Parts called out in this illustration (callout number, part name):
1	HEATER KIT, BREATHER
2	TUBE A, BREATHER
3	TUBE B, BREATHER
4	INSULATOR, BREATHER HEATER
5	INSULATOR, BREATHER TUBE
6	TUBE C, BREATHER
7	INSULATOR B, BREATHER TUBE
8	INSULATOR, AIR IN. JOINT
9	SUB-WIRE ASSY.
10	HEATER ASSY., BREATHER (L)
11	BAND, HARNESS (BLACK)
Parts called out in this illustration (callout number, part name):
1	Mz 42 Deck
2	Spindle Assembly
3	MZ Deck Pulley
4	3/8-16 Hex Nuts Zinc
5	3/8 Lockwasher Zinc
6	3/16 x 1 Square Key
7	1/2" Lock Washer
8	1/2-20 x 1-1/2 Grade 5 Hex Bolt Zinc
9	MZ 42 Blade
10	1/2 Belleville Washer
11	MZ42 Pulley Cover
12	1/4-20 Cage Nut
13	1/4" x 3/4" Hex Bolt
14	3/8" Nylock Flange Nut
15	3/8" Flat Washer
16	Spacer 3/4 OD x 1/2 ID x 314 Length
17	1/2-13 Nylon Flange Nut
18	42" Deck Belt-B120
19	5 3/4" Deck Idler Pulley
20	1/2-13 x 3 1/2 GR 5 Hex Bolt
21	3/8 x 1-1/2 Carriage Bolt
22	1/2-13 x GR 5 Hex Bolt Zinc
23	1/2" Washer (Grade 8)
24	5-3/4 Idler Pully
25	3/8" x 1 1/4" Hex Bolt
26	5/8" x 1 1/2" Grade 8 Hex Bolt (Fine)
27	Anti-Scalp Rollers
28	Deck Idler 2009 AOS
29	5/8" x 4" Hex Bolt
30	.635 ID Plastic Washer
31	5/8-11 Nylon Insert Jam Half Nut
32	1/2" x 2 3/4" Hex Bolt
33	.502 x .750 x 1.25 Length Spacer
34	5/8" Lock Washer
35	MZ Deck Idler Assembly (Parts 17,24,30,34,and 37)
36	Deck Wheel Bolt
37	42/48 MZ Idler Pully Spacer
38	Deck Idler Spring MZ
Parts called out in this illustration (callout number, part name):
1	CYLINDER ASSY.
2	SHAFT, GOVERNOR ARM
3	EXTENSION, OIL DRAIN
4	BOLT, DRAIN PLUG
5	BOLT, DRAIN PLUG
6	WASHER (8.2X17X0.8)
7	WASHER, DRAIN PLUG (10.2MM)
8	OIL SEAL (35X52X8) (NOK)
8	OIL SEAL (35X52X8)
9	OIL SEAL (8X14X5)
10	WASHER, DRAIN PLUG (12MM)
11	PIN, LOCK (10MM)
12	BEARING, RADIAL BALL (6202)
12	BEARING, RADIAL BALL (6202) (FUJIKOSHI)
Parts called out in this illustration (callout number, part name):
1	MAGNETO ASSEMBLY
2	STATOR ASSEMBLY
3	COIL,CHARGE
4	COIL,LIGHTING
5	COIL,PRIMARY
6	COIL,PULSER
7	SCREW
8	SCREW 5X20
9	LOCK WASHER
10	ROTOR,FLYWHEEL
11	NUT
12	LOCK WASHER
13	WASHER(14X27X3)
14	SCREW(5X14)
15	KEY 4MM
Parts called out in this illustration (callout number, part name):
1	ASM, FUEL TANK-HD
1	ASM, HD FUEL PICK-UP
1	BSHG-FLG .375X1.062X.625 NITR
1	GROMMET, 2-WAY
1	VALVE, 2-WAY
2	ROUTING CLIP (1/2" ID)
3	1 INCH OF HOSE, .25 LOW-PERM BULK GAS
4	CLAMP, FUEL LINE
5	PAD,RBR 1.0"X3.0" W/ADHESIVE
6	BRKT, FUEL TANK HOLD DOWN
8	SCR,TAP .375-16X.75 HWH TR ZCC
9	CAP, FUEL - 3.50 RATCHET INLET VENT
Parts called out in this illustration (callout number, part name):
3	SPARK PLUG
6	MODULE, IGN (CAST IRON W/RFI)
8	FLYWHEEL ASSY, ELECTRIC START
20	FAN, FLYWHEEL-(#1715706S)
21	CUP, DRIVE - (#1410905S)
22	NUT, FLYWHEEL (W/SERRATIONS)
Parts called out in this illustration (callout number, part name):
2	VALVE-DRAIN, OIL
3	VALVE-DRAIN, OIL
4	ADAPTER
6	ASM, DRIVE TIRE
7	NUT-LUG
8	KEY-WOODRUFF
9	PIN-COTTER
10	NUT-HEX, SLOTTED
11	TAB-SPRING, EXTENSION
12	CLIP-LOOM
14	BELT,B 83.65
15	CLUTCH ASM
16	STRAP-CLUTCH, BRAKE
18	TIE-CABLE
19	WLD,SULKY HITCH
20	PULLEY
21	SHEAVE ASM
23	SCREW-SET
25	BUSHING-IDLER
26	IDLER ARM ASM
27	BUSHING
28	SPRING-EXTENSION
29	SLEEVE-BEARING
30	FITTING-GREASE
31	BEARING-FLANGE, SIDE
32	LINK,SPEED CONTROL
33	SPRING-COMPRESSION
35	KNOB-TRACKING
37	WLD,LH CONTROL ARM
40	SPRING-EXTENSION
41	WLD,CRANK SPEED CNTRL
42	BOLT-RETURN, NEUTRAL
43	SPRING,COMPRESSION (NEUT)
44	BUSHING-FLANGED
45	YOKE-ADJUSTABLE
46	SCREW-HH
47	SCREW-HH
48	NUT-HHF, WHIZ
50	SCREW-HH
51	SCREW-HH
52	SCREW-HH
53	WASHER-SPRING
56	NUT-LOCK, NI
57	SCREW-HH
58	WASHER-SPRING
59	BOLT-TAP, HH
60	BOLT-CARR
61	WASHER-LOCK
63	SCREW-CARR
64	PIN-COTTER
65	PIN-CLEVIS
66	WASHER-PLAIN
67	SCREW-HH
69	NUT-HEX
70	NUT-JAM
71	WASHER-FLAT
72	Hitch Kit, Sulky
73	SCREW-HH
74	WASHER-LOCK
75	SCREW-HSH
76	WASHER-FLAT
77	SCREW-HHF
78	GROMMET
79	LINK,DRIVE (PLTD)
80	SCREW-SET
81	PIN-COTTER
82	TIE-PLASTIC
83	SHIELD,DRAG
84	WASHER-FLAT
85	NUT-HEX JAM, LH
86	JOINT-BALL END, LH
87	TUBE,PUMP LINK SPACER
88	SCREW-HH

+--

AIM OF THE EXERCISE: Lines with the word "PLUG": report how many there are in the entries, as a bare number.

PROBLEM SOLUTION: 5